The lines to extract run from the start of the records through the line with "[diagram p0: schematic, sheet 1]", both ends included; drop the pictures.

[Records for the exercise Boundary: Start]

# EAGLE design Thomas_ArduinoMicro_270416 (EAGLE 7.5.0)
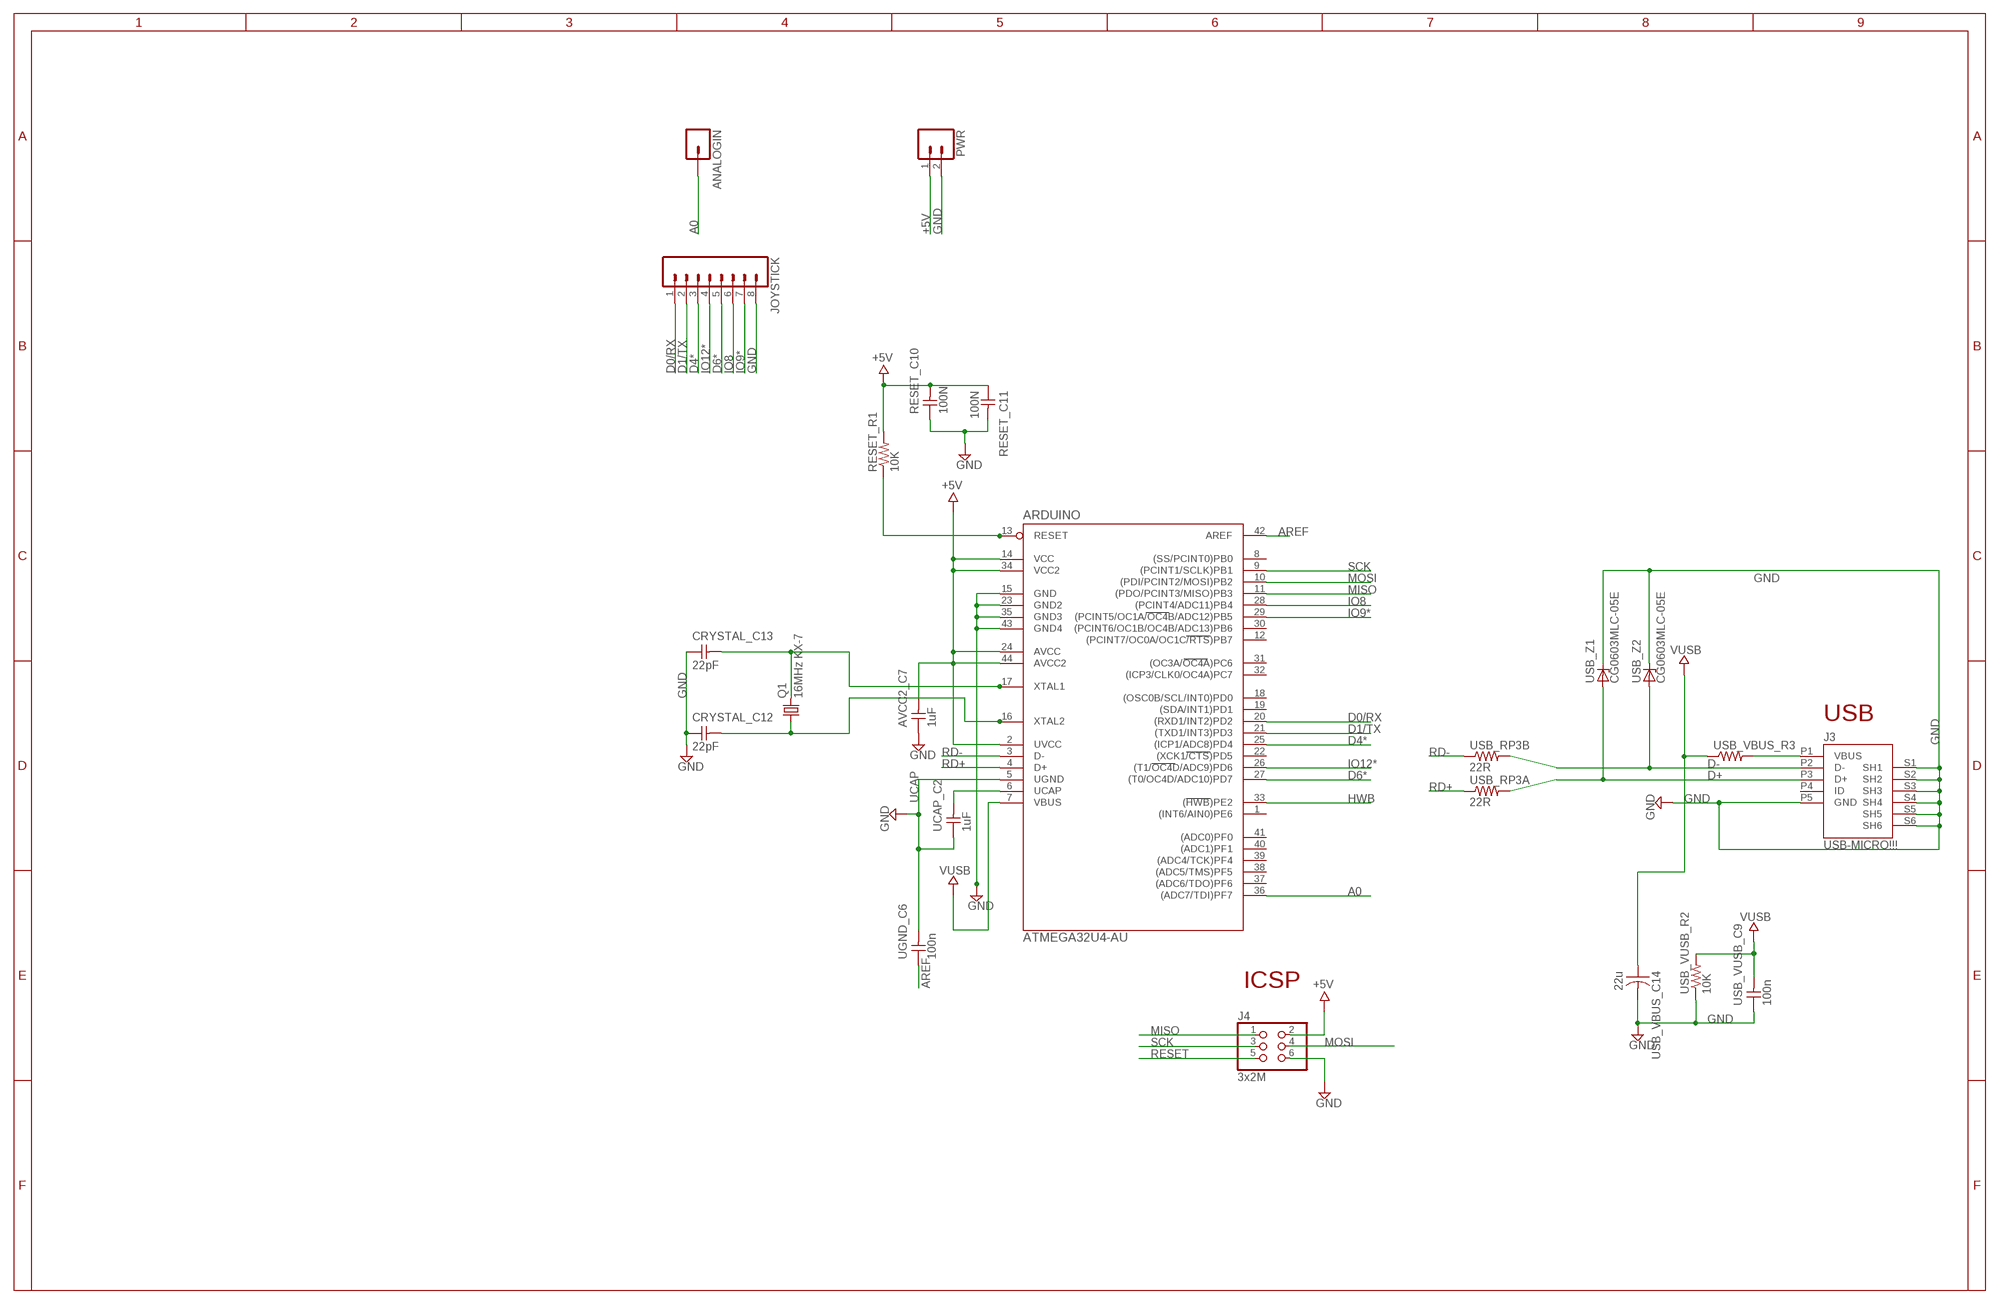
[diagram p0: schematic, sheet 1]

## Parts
ANALOGIN  M01PTH_LONGPAD  [1X01_LONGPAD]
ARDUINO  ATMEGA32U4-AU  [TQFP44]
AVCC2_C7  1uF  CAP-UNPOLARIZEDFAB  [C1206FAB]
CRYSTAL_C12  22pF  CAP-UNPOLARIZEDFAB  [C1206FAB]
CRYSTAL_C13  22pF  CAP-UNPOLARIZEDFAB  [C1206FAB]
J3  USB-MICRO!!!  MYCON2_USB-MINI-B  [CON2_USB_MICRO_B_AT]
J4  3x2M  PINHD-2X3  [2X03]
JOYSTICK  M08LONGPADS  [1X08_LONGPADS]
PWR  M02PTH3  [1X02_LONGPADS]
Q1  16MHz KX-7  CSM-7X-DU  [CSM-7X-DU]
RESET_C10  100N  CAP-UNPOLARIZEDFAB  [C1206FAB]
RESET_C11  100N  CAP-UNPOLARIZEDFAB  [C1206FAB]
RESET_R1  10K  RESISTOR1206  [1206]
UCAP_C2  1uF  CAP-UNPOLARIZEDFAB  [C1206FAB]
UGND_C6  100n  CAP-UNPOLARIZEDFAB  [C1206FAB]
USB_RP3A  22R  RESISTOR1206  [1206]
USB_RP3B  22R  RESISTOR1206  [1206]
USB_VBUS_C14  22u  CAP-US1206FAB  [C1206FAB]
USB_VBUS_R3  RESISTOR1206  [1206]
USB_VUSB_C9  100n  CAP-UNPOLARIZEDFAB  [C1206FAB]
USB_VUSB_R2  10K  RESISTOR1206  [1206]
USB_Z1  CG0603MLC-05E  ZENER_DIODESOD123  [SOD123]
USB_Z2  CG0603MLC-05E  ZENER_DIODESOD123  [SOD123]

[Records for the exercise Boundary: End]

→ Written solution:
# EAGLE design Thomas_ArduinoMicro_270416 (EAGLE 7.5.0)
[diagram p0: schematic, sheet 1]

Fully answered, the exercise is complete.